A more complex pipeline was used for the above documentation. It is available here https://doi.org/10.5281/zenodo.10896390 You may first read the run.sh scripts and inspect the RUN01 output directories before trying it yourself. You are more likely to face file path could not be found errors as this was tried on my system. However, with some careful edits to the script you should be able to replicate the output.

vetmohit89 commented 3 months ago

Dear @hiruna72,

I am trying to run individual tools one by one.

Here, it states: SIGNAL_FILE="reads.blow5"

buttery-eel -g ${GUPPY} --config ${MODEL_TO_USE} -i ${SIGNAL_FILE} -o ${BASECALL_DIR}/moves.sam --log ${OUTPUT_DIR} --moves_out --port 5558 --use_tcp

Will this also work for Fast5 files? In the example, it appears that a Fast5 file was used (https://github.com/hiruna72/squigualiser/blob/main/docs/RNA_visualisation.md). Does it make any difference if we use Fast5 versus Slow5?

Thank you Mohit

hiruna72 commented 3 months ago

Hi @vetmohit89,

You can use any fast5/pod5/slow5 format for basecalling. All will generate same result. slow5 and pod5 will be faster.

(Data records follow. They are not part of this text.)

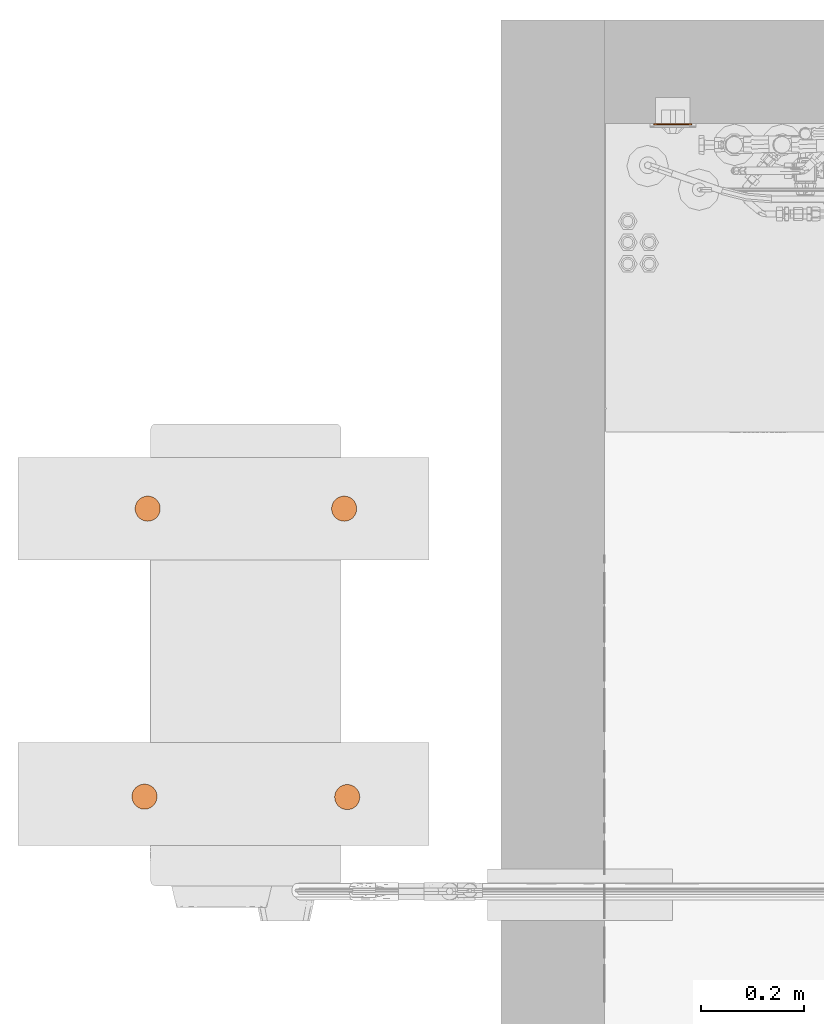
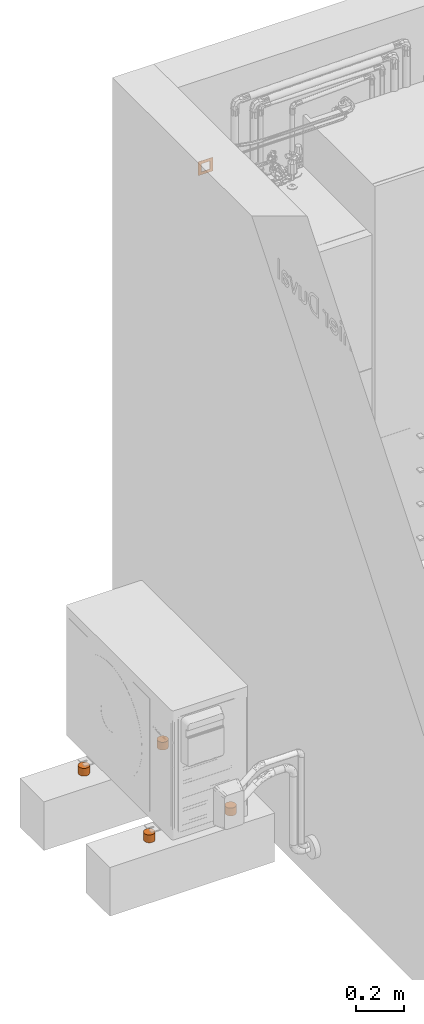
# One storey, part 27 of 30: 5 proxies.
"""IFC2X3 building model written with IfcOpenShell, lengths in metres."""

from ifc_helpers import new_model, entity, si_unit, converted_unit, derived_unit, direction, frame, frame_2d, origin, place, context, subcontext, project, spatial, polyline, circle_curve, parameter, trimmed, segment, composite_curve, circle, outline, extrude, source, transform, mapped, material, type_object, type_shapes, element, save


model = new_model("IFC2X3")

# Units and contexts
model_context = context("Model", 3, precision=1e-05, world=origin(), true_north=direction((6.123031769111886e-17, 1.0)))
body_context = subcontext(model_context, "Body", "Model", "MODEL_VIEW")
ifc_project = project(units=[si_unit("LENGTHUNIT", "METRE"), si_unit("AREAUNIT", "SQUARE_METRE"), si_unit("VOLUMEUNIT", "CUBIC_METRE"), converted_unit("PLANEANGLEUNIT", "DEGREE", entity("IfcPlaneAngleMeasure", 0.017453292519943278), si_unit("PLANEANGLEUNIT", "RADIAN"), dimensions=[0, 0, 0, 0, 0, 0, 0]), si_unit("MASSUNIT", "GRAM", prefix="KILO"), derived_unit("MASSDENSITYUNIT", [(si_unit("MASSUNIT", "GRAM", prefix="KILO"), 1), (si_unit("LENGTHUNIT", "METRE"), -3)]), derived_unit("IONCONCENTRATIONUNIT", [(si_unit("MASSUNIT", "GRAM", prefix="KILO"), 1), (si_unit("LENGTHUNIT", "METRE"), -3)]), derived_unit("MOMENTOFINERTIAUNIT", [(si_unit("LENGTHUNIT", "METRE"), 4)]), si_unit("TIMEUNIT", "SECOND"), si_unit("FREQUENCYUNIT", "HERTZ"), si_unit("THERMODYNAMICTEMPERATUREUNIT", "DEGREE_CELSIUS"), derived_unit("THERMALTRANSMITTANCEUNIT", [(si_unit("MASSUNIT", "GRAM", prefix="KILO"), 1), (si_unit("THERMODYNAMICTEMPERATUREUNIT", "KELVIN"), -1), (si_unit("TIMEUNIT", "SECOND"), -3)]), derived_unit("THERMALCONDUCTANCEUNIT", [(si_unit("MASSUNIT", "GRAM", prefix="KILO"), 1), (si_unit("THERMODYNAMICTEMPERATUREUNIT", "KELVIN"), -1), (si_unit("TIMEUNIT", "SECOND"), -3), (si_unit("LENGTHUNIT", "METRE"), 1)]), derived_unit("VOLUMETRICFLOWRATEUNIT", [(si_unit("LENGTHUNIT", "METRE", prefix="DECI"), 3), (si_unit("TIMEUNIT", "SECOND"), -1)]), derived_unit("MASSFLOWRATEUNIT", [(si_unit("MASSUNIT", "GRAM", prefix="KILO"), 1), (si_unit("TIMEUNIT", "SECOND"), -1)]), derived_unit("ROTATIONALFREQUENCYUNIT", [(si_unit("TIMEUNIT", "SECOND"), -1)]), si_unit("ELECTRICCURRENTUNIT", "AMPERE"), si_unit("ELECTRICVOLTAGEUNIT", "VOLT"), si_unit("POWERUNIT", "WATT"), si_unit("FORCEUNIT", "NEWTON", prefix="KILO"), si_unit("ILLUMINANCEUNIT", "LUX"), si_unit("LUMINOUSFLUXUNIT", "LUMEN"), si_unit("LUMINOUSINTENSITYUNIT", "CANDELA"), si_unit("ENERGYUNIT", "JOULE"), derived_unit("USERDEFINED", [(si_unit("MASSUNIT", "GRAM", prefix="KILO"), -1), (si_unit("LENGTHUNIT", "METRE"), -2), (si_unit("TIMEUNIT", "SECOND"), 3), (si_unit("LUMINOUSFLUXUNIT", "LUMEN"), 1)]), derived_unit("USERDEFINED", [(si_unit("MASSUNIT", "GRAM", prefix="KILO"), 1), (si_unit("TIMEUNIT", "SECOND"), -3), (si_unit("LENGTHUNIT", "METRE"), 3), (si_unit("ELECTRICCURRENTUNIT", "AMPERE"), -2)]), derived_unit("SOUNDPOWERUNIT", [(si_unit("MASSUNIT", "GRAM", prefix="KILO"), 1), (si_unit("TIMEUNIT", "SECOND"), -3), (si_unit("LENGTHUNIT", "METRE"), 2)]), derived_unit("SOUNDPRESSUREUNIT", [(si_unit("MASSUNIT", "GRAM", prefix="KILO"), 1), (si_unit("LENGTHUNIT", "METRE"), -1), (si_unit("TIMEUNIT", "SECOND"), -2)]), derived_unit("LINEARVELOCITYUNIT", [(si_unit("LENGTHUNIT", "METRE"), 1), (si_unit("TIMEUNIT", "SECOND"), -1)]), si_unit("PRESSUREUNIT", "PASCAL"), derived_unit("USERDEFINED", [(si_unit("MASSUNIT", "GRAM", prefix="KILO"), 1), (si_unit("LENGTHUNIT", "METRE"), -2), (si_unit("TIMEUNIT", "SECOND"), -2)]), derived_unit("LINEARFORCEUNIT", [(si_unit("MASSUNIT", "GRAM", prefix="KILO"), 1), (si_unit("TIMEUNIT", "SECOND"), -2)]), derived_unit("PLANARFORCEUNIT", [(si_unit("MASSUNIT", "GRAM", prefix="KILO"), 1), (si_unit("LENGTHUNIT", "METRE"), -1), (si_unit("TIMEUNIT", "SECOND"), -2)]), derived_unit("SPECIFICHEATCAPACITYUNIT", [(si_unit("THERMODYNAMICTEMPERATUREUNIT", "KELVIN"), -1), (si_unit("LENGTHUNIT", "METRE"), 2), (si_unit("TIMEUNIT", "SECOND"), -2)]), derived_unit("HEATFLUXDENSITYUNIT", [(si_unit("MASSUNIT", "GRAM", prefix="KILO"), 1), (si_unit("TIMEUNIT", "SECOND"), -3)]), derived_unit("HEATINGVALUEUNIT", [(si_unit("LENGTHUNIT", "METRE"), 2), (si_unit("TIMEUNIT", "SECOND"), -2)]), derived_unit("VAPORPERMEABILITYUNIT", [(si_unit("LENGTHUNIT", "METRE"), -1), (si_unit("TIMEUNIT", "SECOND"), 1)]), derived_unit("DYNAMICVISCOSITYUNIT", [(si_unit("MASSUNIT", "GRAM", prefix="KILO"), 1), (si_unit("TIMEUNIT", "SECOND"), -1), (si_unit("LENGTHUNIT", "METRE"), -1)]), derived_unit("THERMALEXPANSIONCOEFFICIENTUNIT", [(si_unit("THERMODYNAMICTEMPERATUREUNIT", "KELVIN"), -1)]), derived_unit("MODULUSOFELASTICITYUNIT", [(si_unit("MASSUNIT", "GRAM", prefix="KILO"), 1), (si_unit("LENGTHUNIT", "METRE"), -1), (si_unit("TIMEUNIT", "SECOND"), -2)]), derived_unit("ISOTHERMALMOISTURECAPACITYUNIT", [(si_unit("MASSUNIT", "GRAM", prefix="KILO"), -1), (si_unit("LENGTHUNIT", "METRE"), 3)]), derived_unit("MOISTUREDIFFUSIVITYUNIT", [(si_unit("TIMEUNIT", "SECOND"), -1), (si_unit("LENGTHUNIT", "METRE"), 2)]), derived_unit("MASSPERLENGTHUNIT", [(si_unit("MASSUNIT", "GRAM", prefix="KILO"), 1), (si_unit("LENGTHUNIT", "METRE"), -1)]), derived_unit("THERMALRESISTANCEUNIT", [(si_unit("MASSUNIT", "GRAM", prefix="KILO"), -1), (si_unit("TIMEUNIT", "SECOND"), 3), (si_unit("THERMODYNAMICTEMPERATUREUNIT", "KELVIN"), 1)]), derived_unit("ACCELERATIONUNIT", [(si_unit("LENGTHUNIT", "METRE"), 1), (si_unit("TIMEUNIT", "SECOND"), -2)]), derived_unit("ANGULARVELOCITYUNIT", [(si_unit("TIMEUNIT", "SECOND"), -1), (si_unit("PLANEANGLEUNIT", "RADIAN"), 1)]), derived_unit("LINEARSTIFFNESSUNIT", [(si_unit("MASSUNIT", "GRAM", prefix="KILO"), 1), (si_unit("TIMEUNIT", "SECOND"), -2)]), derived_unit("WARPINGCONSTANTUNIT", [(si_unit("LENGTHUNIT", "METRE"), 6)]), derived_unit("LINEARMOMENTUNIT", [(si_unit("MASSUNIT", "GRAM", prefix="KILO"), 1), (si_unit("LENGTHUNIT", "METRE"), 1), (si_unit("TIMEUNIT", "SECOND"), -2)]), derived_unit("TORQUEUNIT", [(si_unit("MASSUNIT", "GRAM", prefix="KILO"), 1), (si_unit("LENGTHUNIT", "METRE"), 2), (si_unit("TIMEUNIT", "SECOND"), -2)])], contexts=[model_context])

# Site, building, storey
site_placement = place(None, origin())
site = spatial("IfcSite", under=ifc_project, at=site_placement, Name="Default", CompositionType="ELEMENT")
building_placement = place(site_placement, origin())
building = spatial("IfcBuilding", under=site, at=building_placement, CompositionType="ELEMENT")
storey_placement = place(building_placement, origin())
storey = spatial("IfcBuildingStorey", under=building, at=storey_placement, Name="Niveau 0", CompositionType="ELEMENT", Elevation=-1.949160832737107e-14)

# Proxies
ifc_material_1 = material(Name="Valeur par défaut Nouveau Matériau")
building_element_proxy_type_1 = type_object("IfcBuildingElementProxyType", Name="Pied antivibratile ep 40:Pied antivibratile ep 40", PredefinedType="NOTDEFINED", material=ifc_material_1)
shared_shape_1 = source(origin(), body_context, "Body", "SweptSolid", [
    extrude(circle(Radius=0.0245, at=frame_2d((5.12283467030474e-19, -3.958084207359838e-17), x_axis=(1.0, 0.0))), origin(), (0.0, 0.0, 1.0), 0.04),
])
type_shapes(building_element_proxy_type_1, [shared_shape_1])
for number, where, z_axis, x_axis, name in (
    (1, (-21.509553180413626, 1.5593600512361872, -0.24999999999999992), (0.0, 0.0, 1.0), (0.0, 1.0, 0.0), "Pied antivibratile ep 40:Pied antivibratile ep 40"),
    (2, (-21.503303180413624, 2.1193600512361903, -0.24999999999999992), (0.0, 0.0, 1.0), (0.0, 1.0, 0.0), "Pied antivibratile ep 40:Pied antivibratile ep 40"),
    (3, (-21.121303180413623, 2.1193600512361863, -0.24999999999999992), (0.0, 0.0, 1.0), (0.0, 1.0, 0.0), "Pied antivibratile ep 40:Pied antivibratile ep 40"),
    (4, (-21.11534586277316, 1.5585264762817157, -0.24999999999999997), (0.0, 0.0, 1.0), (-1.0, 0.0, 0.0), "Pied antivibratile ep 40:Pied antivibratile ep 40"),
):
    element("IfcBuildingElementProxy", number, at=place(storey_placement, frame(where, z_axis=z_axis, x_axis=x_axis)), inside=storey, type_object=building_element_proxy_type_1, material=ifc_material_1, Name=name, ObjectType="Pied antivibratile ep 40:Pied antivibratile ep 40", context=body_context, shape_type="MappedRepresentation", body=[
        mapped(shared_shape_1, transform((0.0, 0.0, 0.0), scale=1.0)),
    ])
ifc_material_2 = material(Name="Plastique, noir opaque")
building_element_proxy_type_2 = type_object("IfcBuildingElementProxyType", Name="Legrand support universel-20181:1 poste", PredefinedType="NOTDEFINED", material=ifc_material_2)
shared_shape_2 = source(origin(), body_context, "Body", "SweptSolid", [
    extrude(outline(composite_curve([segment(polyline([(-0.03200000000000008, -0.03544999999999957), (0.03200000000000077, -0.03544999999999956)]), True, "CONTINUOUS"), segment(trimmed(circle_curve(frame_2d((0.032000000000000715, -0.030449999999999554), x_axis=(1.0, 0.0)), 0.005), [parameter(270.0000000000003)], [parameter(4.0711099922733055e-13)], True, "PARAMETER"), True, "CONTINUOUS"), segment(polyline([(0.037000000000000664, -0.03044999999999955), (0.037000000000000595, 0.03044999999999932)]), True, "CONTINUOUS"), segment(trimmed(circle_curve(frame_2d((0.03200000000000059, 0.030449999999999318), x_axis=(1.0, 0.0)), 0.005), [parameter(0.0)], [parameter(90.00000000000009)], True, "PARAMETER"), True, "CONTINUOUS"), segment(polyline([(0.03200000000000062, 0.03544999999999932), (-0.03200000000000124, 0.03544999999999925)]), True, "CONTINUOUS"), segment(trimmed(circle_curve(frame_2d((-0.0320000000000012, 0.03044999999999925), x_axis=(1.0, 0.0)), 0.005000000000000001), [parameter(90.0000000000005)], [parameter(179.99999999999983)], True, "PARAMETER"), True, "CONTINUOUS"), segment(polyline([(-0.037000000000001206, 0.030449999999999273), (-0.03700000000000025, -0.030449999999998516)]), True, "CONTINUOUS"), segment(trimmed(circle_curve(frame_2d((-0.03200000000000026, -0.030449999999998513), x_axis=(1.0, 0.0)), 0.005), [parameter(179.99999999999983)], [parameter(269.9999999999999)], True, "PARAMETER"), True, "CONTINUOUS")], self_intersect=False), holes=[polyline([(-0.020249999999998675, -0.020250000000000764), (-0.020249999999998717, 0.02024999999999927), (0.020250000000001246, 0.02024999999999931), (0.020250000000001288, -0.020250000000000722), (-0.020249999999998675, -0.020250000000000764)])]), frame((0.12499999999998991, 0.1015, 0.2498891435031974), z_axis=(0.0, 1.0, 0.0), x_axis=(1.0, 0.0, 0.0)), (0.0, 0.0, 1.0), 0.002000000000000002),
])
type_shapes(building_element_proxy_type_2, [shared_shape_2])
proxy_placement = place(storey_placement, frame((-20.357065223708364, 2.969026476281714, 1.8007733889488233), z_axis=(0.0, 0.0, 1.0), x_axis=(-1.0, 0.0, 0.0)))
element("IfcBuildingElementProxy", 5, at=proxy_placement, inside=storey, type_object=building_element_proxy_type_2, material=ifc_material_2, Name="Legrand support universel-20181:1 poste", ObjectType="Legrand support universel-20181:1 poste", context=body_context, shape_type="MappedRepresentation", body=[
    mapped(shared_shape_2, transform((0.0, 0.0, 0.0), scale=1.0)),
])

save(model, "model.ifc")

However, I suggest you to use slow5 as you will later need a slow5 for plotting. You can easily create a slow5 as mentioned here. https://github.com/hiruna72/squigualiser/issues/58#issuecomment-2002705907

vetmohit89 commented 3 months ago

Hello @hiruna72,

I have converted fast5 to slow5 using slowtools. Now, trying to run buttery-eel command to convert fast5 to sam file. But earlier it was giving error FileNotFoundError: [Errno 2] No such file or directory: './guppy/ont-guppy/bin/dorado_basecall_server' But then I installed ont-dorado-server, it is giving error: basecall_service::SocketDataHandler::initialize: Failed to load config ./guppy/ont-guppy/data/rna_r9.4.1_70bps_hac_prom.cfg. Selected configuration does not support basecalling in dorado

vetmohit89 commented 3 months ago

Here is my command buttery-eel -g ./guppy/ont-guppy/bin/ --config rna_r9.4.1_70bps_hac_prom.cfg -i ./slow5/ -o ./slow5/moves.sam --log ./slow5/ --moves_out --port 5558 --use_tcp --device cuda:all

Psy-Fer commented 3 months ago

Hey,

Is your data RNA002 or RNA004?

If it's RNA002 you might need to use an older basecaller as the latest dorado server I think deprecated compatibility. Maybe even try the last guppy version, 6.5.7

Let me know if you need help with any of that (I wrote buttery-eel)

James

vetmohit89 commented 3 months ago

It is RNA002. But I am not able to understand why it was asking dorado_basecall_server and giving error No such file. Right now I am using guppy 6.3.7, I doubt newer versions of guppy (anything after 6.4.2) has --move_out option.

Psy-Fer commented 3 months ago

What I mean is you can run any version of guppy or Dorado sever inside buttery-eel with the slow5 file.

You just need to ensure your ont-pyguppy-client-lib library version matches the version of guppy or Dorado you are pointing to in the command.

This is covered in the documentation of buttery-eel

hiruna72 commented 2 months ago

Hey, I will close the issue for now. Feel free to reopen if you face any issues.